В другой раз это была книга. Директор школы, однажды зайдя ко мне, принес небольшой синий сборник стихов. Я глянул на имя в конце. «Джерард Мэнли Хопкинс». Никогда о таком не слышал. Но открыв книжку, я прочел «Звездную ночь» и «Поэму урожая» и роскошнейшие, изысканные ранние стихотворения. Я отметил, что автор был католиком, священником, и более того – иезуитом.
Я не мог решить, нравятся мне эти стихи или нет.

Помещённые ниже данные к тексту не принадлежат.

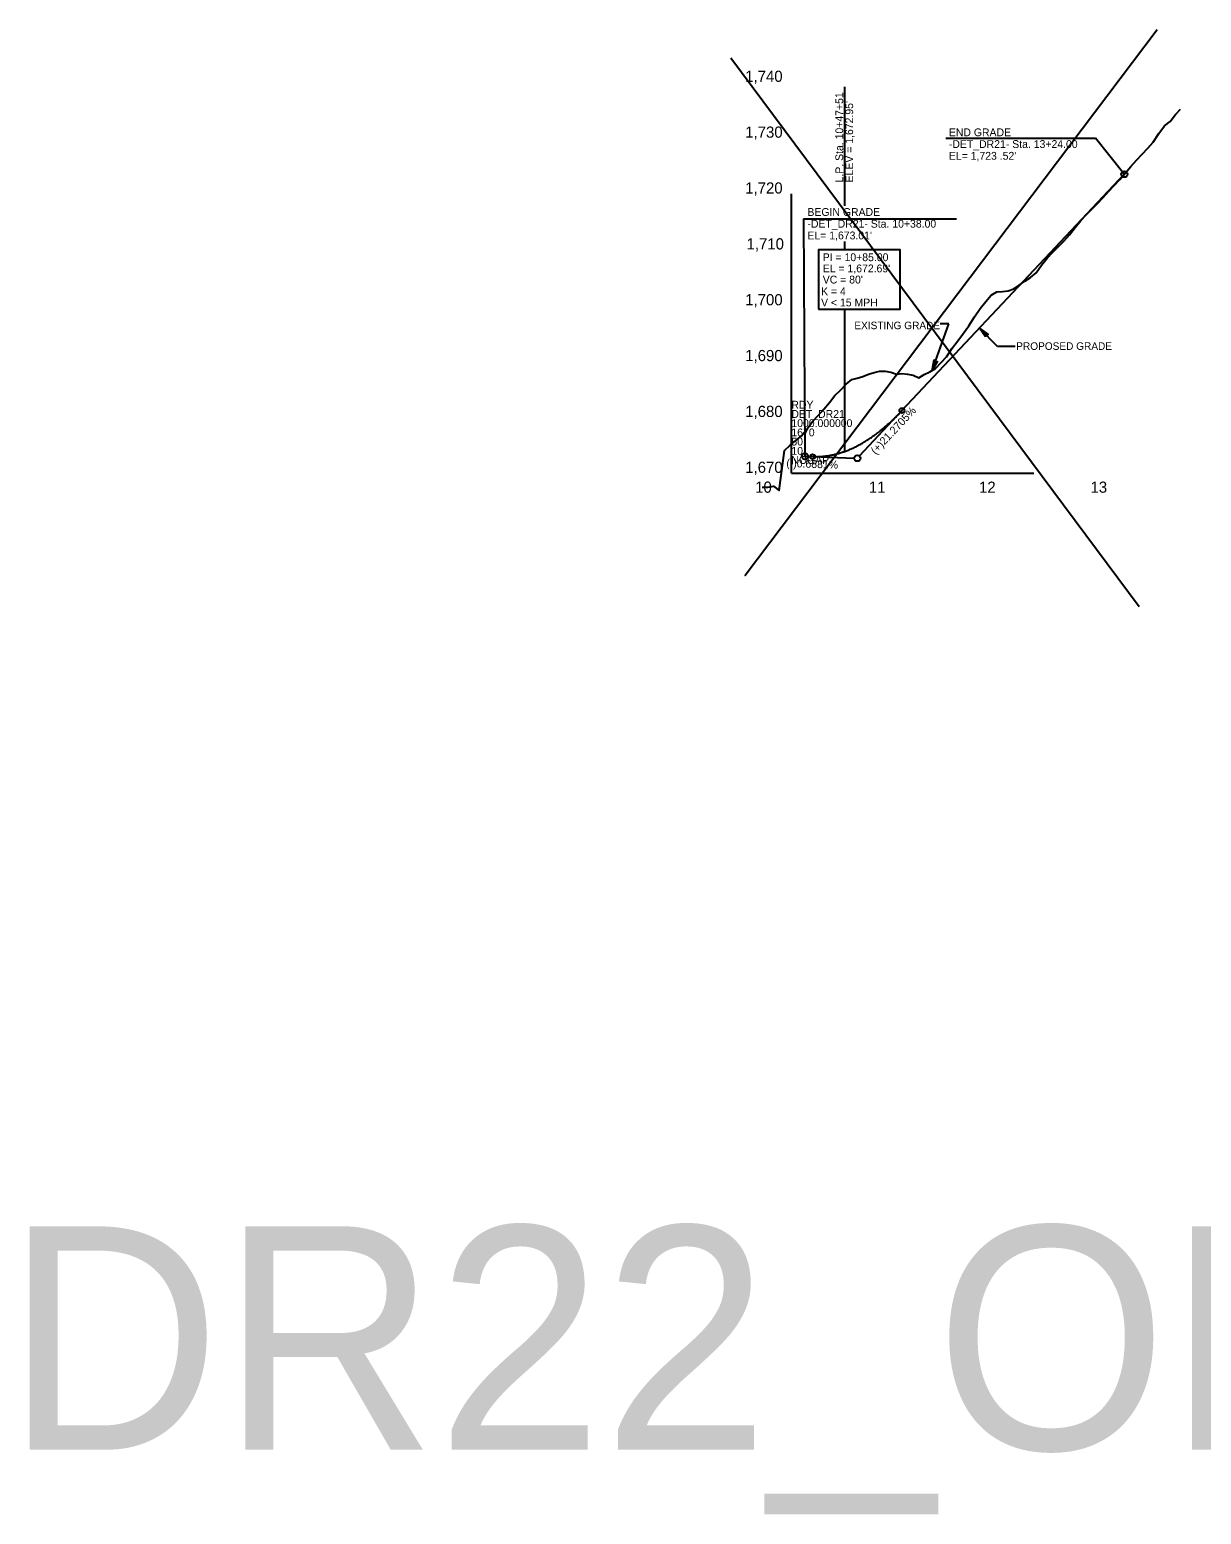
# Model space of a CAD drawing. Extents: x 498575 to 532350, y 405181 to 484585.
# Drawn here: x 529982 to 531031, y 426983 to 428312 of the extents above; entities that cross this region are included whole.
import ezdxf

# ---------------------------------------------------------------- set-up
doc = ezdxf.new("R2010")
doc.units = 0
for name, color, linetype in [('Exist Profile Cell', 7, 'Continuous'), ('Exist Vertical Profile Ground Line', 7, 'Continuous'), ('Exist Vertical Profile Horizontal Axis Label Major', 7, 'Continuous'), ('Exist Vertical Profile Vertical Axis Label', 7, 'Continuous'), ('Prop Grid Mask', 7, 'Continuous'), ('Prop PFL Text', 7, 'Continuous'), ('Prop Vertical Profile Curve Label', 7, 'Continuous'), ('Prop Vertical Profile Grade', 7, 'Continuous'), ('Prop Vertical Profile Grade Label', 7, 'Continuous'), ('Prop Vertical Profile Strip Grade', 7, 'Continuous'), ('Prop VPI Label', 7, 'Continuous'), ('Scratch_Level_5', 7, 'Continuous'), ('Scratch_Level_7', 7, 'Continuous'), ('Typical Terminator CELL', 7, 'Continuous')]:
    doc.layers.add(name, color=color, linetype=linetype)

# ---------------------------------------------------------------- blocks, each defined once
blk = doc.blocks.new('TERMINATOR')
at = {"layer": 'Typical Terminator CELL'}
blk.add_lwpolyline([(-0.469, 0.081), (0, 0), (-0.471, -0.083), (-0.411, 0)], close=True, dxfattribs=at)

msp = doc.modelspace()

# ---------------------------------------------------------------- linework, layer by layer
at = {"layer": 'Exist Profile Cell'}
for q in [(530664.1, 428164.7), (530881.2, 427914.7), (530664.1, 427914.7)]:
    msp.add_line((530664.1, 427914.7), q, dxfattribs=at)
at = {"layer": 'Exist Vertical Profile Ground Line'}
msp.add_lwpolyline([(530638.1, 427902.1), (530643.1, 427902.3), (530648.1, 427903.1), (530653.1, 427899.3), (530658.1, 427934.9), (530663.1, 427939.8), (530668.1, 427943.9), (530673.1, 427948), (530678.1, 427954.4), (530683.1, 427960.9), (530688.1, 427966.2), (530693.1, 427971.9), (530698.1, 427977.9), (530703.1, 427984.3), (530708.1, 427989), (530713.1, 427994.4), (530718.1, 427998.7), (530723.1, 427999.9), (530728.1, 428001.3), (530733.1, 428003.3), (530738.1, 428004.7), (530743.1, 428006), (530748.1, 428006), (530753.1, 428005), (530758.1, 428003.4), (530763.1, 428004), (530768.1, 428003.3), (530773.1, 428002.5), (530778.1, 428000.1), (530783.1, 428002.9), (530788.1, 428005.5), (530793.1, 428008.4), (530798.1, 428013.8), (530803.1, 428018.8), (530808.1, 428026.5), (530813.1, 428033.2), (530818.1, 428040), (530823.1, 428046.7), (530828.1, 428054.7), (530833.1, 428062), (530838.1, 428068.5), (530843.1, 428074.2), (530848.1, 428076.9), (530853.1, 428077.4), (530858.1, 428078), (530863.1, 428079.8), (530868.1, 428082.9), (530873.1, 428086.6), (530878.1, 428090), (530883.1, 428094.1), (530888.1, 428100.8), (530893.1, 428107.3), (530898.1, 428112.5), (530903.1, 428117.5), (530908.1, 428122.5), (530913.1, 428128), (530918.1, 428134.5), (530923.1, 428140.8), (530928.1, 428145.9), (530933.1, 428151.1), (530938.1, 428156.2), (530943.1, 428161.4), (530948.1, 428166.8), (530953.1, 428172.1), (530958.1, 428177.5), (530963.1, 428183.5), (530968.1, 428189.3), (530973.1, 428194.9), (530978.1, 428200.3), (530983.1, 428205.7), (530988.1, 428211.1), (530993.1, 428218.7), (530998.1, 428225.5), (531003.1, 428229.6), (531008.1, 428235.8), (531012.3, 428240.6)], dxfattribs=at)
at = {"layer": 'Prop Grid Mask'}
msp.add_lwpolyline([(530688.5, 428061.4), (530761.5, 428061.4), (530761.5, 428114.5), (530688.5, 428114.5)], close=True, dxfattribs=at)
at = {"layer": 'Prop PFL Text'}
for p, q in [((530790.2, 428006.7), (530805.2, 428048.3)), ((530805.2, 428048.3), (530797.2, 428048.3)), ((530848.5, 428028.2), (530832.4, 428044.4)), ((530864.5, 428028.2), (530848.5, 428028.2))]:
    msp.add_line(p, q, dxfattribs=at)
at = {"layer": 'Prop Vertical Profile Curve Label'}
for centre in [(530763.1, 427970.7), (530683.1, 427929.5)]:
    msp.add_circle(centre, 2.25, dxfattribs=at)
at = {"layer": 'Prop Vertical Profile Grade'}
for p, q in [((530763.1, 427970.7), (530962.1, 428182.3)), ((530676.2, 427929.8), (530683.1, 427929.5))]:
    msp.add_line(p, q, dxfattribs=at)
msp.add_spline([(530683.1, 427929.5), (530684.7, 427929.5), (530686.3, 427929.5), (530687.9, 427929.5), (530689.5, 427929.6), (530691.1, 427929.7), (530692.7, 427929.8), (530694.3, 427930), (530695.9, 427930.2), (530697.5, 427930.4), (530699.1, 427930.7), (530700.7, 427931), (530702.3, 427931.4), (530703.9, 427931.8), (530705.5, 427932.2), (530707.1, 427932.6), (530708.7, 427933.1), (530710.3, 427933.7), (530711.9, 427934.2), (530713.5, 427934.8), (530715.1, 427935.4), (530716.7, 427936.1), (530718.3, 427936.8), (530719.9, 427937.5), (530721.5, 427938.3), (530723.1, 427939.1), (530724.7, 427940), (530726.3, 427940.8), (530727.9, 427941.7), (530729.5, 427942.7), (530731.1, 427943.7), (530732.7, 427944.7), (530734.3, 427945.7), (530735.9, 427946.8), (530737.5, 427948), (530739.1, 427949.1), (530740.7, 427950.3), (530742.3, 427951.5), (530743.9, 427952.8), (530745.5, 427954.1), (530747.1, 427955.4), (530748.7, 427956.8), (530750.3, 427958.2), (530751.9, 427959.6), (530753.5, 427961.1), (530755.1, 427962.6), (530756.7, 427964.2), (530758.3, 427965.7), (530759.9, 427967.3), (530761.5, 427969), (530763.1, 427970.7)], degree=3, dxfattribs=at)
at = {"layer": 'Prop Vertical Profile Strip Grade'}
for p, q in [((530711.6, 428260.4), (530711.6, 428154)), ((530711.6, 428122.2), (530711.6, 428114.5)), ((530711.6, 428061.4), (530711.6, 427934.1))]:
    msp.add_line(p, q, dxfattribs=at)
at = {"layer": 'Prop VPI Label'}
for p, q in [((530802.3, 428214.6), (530936.3, 428214.6)), ((530962.1, 428182.3), (530936.3, 428214.6)), ((530674.9, 428142.5), (530676.2, 427929.8)), ((530674.9, 428142.5), (530811.9, 428142.5)), ((530763.1, 427970.7), (530725, 427930.1)), ((530683.1, 427929.5), (530720.3, 427928.2))]:
    msp.add_line(p, q, dxfattribs=at)
for centre in [(530962.1, 428182.3), (530676.2, 427929.8), (530723.1, 427928.1)]:
    msp.add_circle(centre, 2.75, dxfattribs=at)
at = {"layer": 'Scratch_Level_5'}
msp.add_line((530609.9, 428286.6), (530975.5, 427795.5), dxfattribs=at)
msp.add_lwpolyline([(530991.7, 428311.7), (530622.8, 427823), (530622.8, 427823)], dxfattribs=at)

# ---------------------------------------------------------------- block references
at = {"layer": 'Prop PFL Text'}
for p, xscale, yscale, rotation in [((530832.4, 428044.4), 19.999999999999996, 19.999999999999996, 135.07485040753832), ((530790.2, 428006.7), 20, 20.000000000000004, -109.86448305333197)]:
    msp.add_blockref('TERMINATOR', p, dxfattribs=dict(at, xscale=xscale, yscale=yscale, rotation=rotation))

# ---------------------------------------------------------------- texts
at = {"layer": 'Exist Profile Cell'}
for s, p in [('RDY', (530664.1, 427972.5)), ('DET_DR21', (530664.1, 427964.2)), ('1000.000000', (530664.1, 427956)), ('1670', (530664.1, 427947.7)), ('50', (530664.1, 427939.5)), ('10', (530664.1, 427931.2)), ('NOGAP', (530664.1, 427923))]:
    msp.add_text(s, height=7, dxfattribs=at).set_placement(p)
at = {"layer": 'Exist Vertical Profile Horizontal Axis Label Major'}
for s, p in [('10', (530631.7, 427897.2)), ('11', (530733.5, 427897.2)), ('12', (530832.1, 427897.2)), ('13', (530931.9, 427897.2))]:
    msp.add_text(s, height=10, dxfattribs=at).set_placement(p)
at = {"layer": 'Exist Vertical Profile Vertical Axis Label'}
for s, p in [('1,740', (530622.8, 428265)), ('1,730', (530622.8, 428215)), ('1,720', (530622.8, 428165)), ('1,710', (530624, 428115)), ('1,700', (530622.8, 428065)), ('1,690', (530622.8, 428015)), ('1,680', (530622.8, 427965)), ('1,670', (530622.8, 427915))]:
    msp.add_text(s, height=10, dxfattribs=at).set_placement(p)
at = {"layer": 'Prop PFL Text'}
for s, p in [('EXISTING GRADE', (530720.5, 428043.6)), ('PROPOSED GRADE', (530865.4, 428025.1))]:
    msp.add_text(s, height=6.75, dxfattribs=at).set_placement(p)
at = {"layer": 'Prop Vertical Profile Curve Label'}
for s, p in [('K = 4', (530690.7, 428074)), ("VC = 80'", (530692.2, 428084.5)), ('V < 15 MPH', (530690.7, 428064))]:
    msp.add_text(s, height=7, dxfattribs=at).set_placement(p)
at = {"layer": 'Prop Vertical Profile Grade Label'}
for s, rotation, p in [('(+)21.2705%', 46.7633, (530739.5, 427931)), ('(-)0.6881%', 358.0294, (530659.5, 427920.3))]:
    msp.add_text(s, height=7, rotation=rotation, dxfattribs=at).set_placement(p)
at = {"layer": 'Prop Vertical Profile Strip Grade'}
for s, p in [('L.P. Sta. 10+47+51', (530710.5, 428175)), ("ELEV = 1,672.95'", (530719.4, 428175))]:
    msp.add_text(s, height=7, rotation=90, dxfattribs=at).set_placement(p)
at = {"layer": 'Prop VPI Label'}
for s, p in [('END GRADE', (530805.1, 428216.3)), ('-DET_DR21- Sta. 13+24.00', (530805.1, 428205.8)), ("EL= 1,723 .52'", (530805.1, 428195.3)), ('BEGIN GRADE', (530678.5, 428145)), ('-DET_DR21- Sta. 10+38.00', (530678.5, 428134.5)), ("EL= 1,673.01'", (530678.5, 428124)), ('PI = 10+85.00', (530692.2, 428104.5)), ("EL = 1,672.69'", (530692.2, 428094.5))]:
    msp.add_text(s, height=7, dxfattribs=at).set_placement(p)
at = {"layer": 'Scratch_Level_7'}
msp.add_text('DR22_OLD', height=200, dxfattribs=at).set_placement((529960.3, 427040.6))

doc.saveas('drawing.dxf')

Мне показалось, что они весьма искусны, несколько замысловаты, местами слишком пышны и чрезмерны. Но вместе с тем они были своеобразны и привлекали живостью, музыкальностью и глубиной. Поздние поэмы, конечно, были слишком глубоки для меня, и в них я ничего не понял.
Все-таки поэт мне понравился, хотя и с некоторыми оговорками. Я вернул книгу директору, поблагодарил его, и уже никогда больше не забывал Хопкинса, но не возвращался к нему несколько лет.
Из изолятора я вышел через месяц, если не больше. В конце июня нас ждали главные экзамены – на аттестат повышенного уровня; мне нужно было сдавать французский, немецкий и латынь. Потом мы разъехались на каникулы, и до сентября пришлось ждать результатов экзаменов. Папаша, Бонмаман и Джон-Пол в это лето снова были в Европе, и мы провели пару месяцев в большом унылом отеле в Борнмуте[154]. Отель стоял на вершине скалы, обращенный к морю рядами чугунных балконов, выкрашенных серебристой краской. В бледном летнем английском солнце и утреннем тумане они мягко сияли. Не буду вдаваться в подробности этого лета и отношений с девушкой, которую я там встретил; оно было заполнено бурными эмоциями и юношескими ссорами, от которых я обычно сбегал из Борнмута к Дорсетским холмам, где целыми днями гулял, восстанавливая душевное равновесие.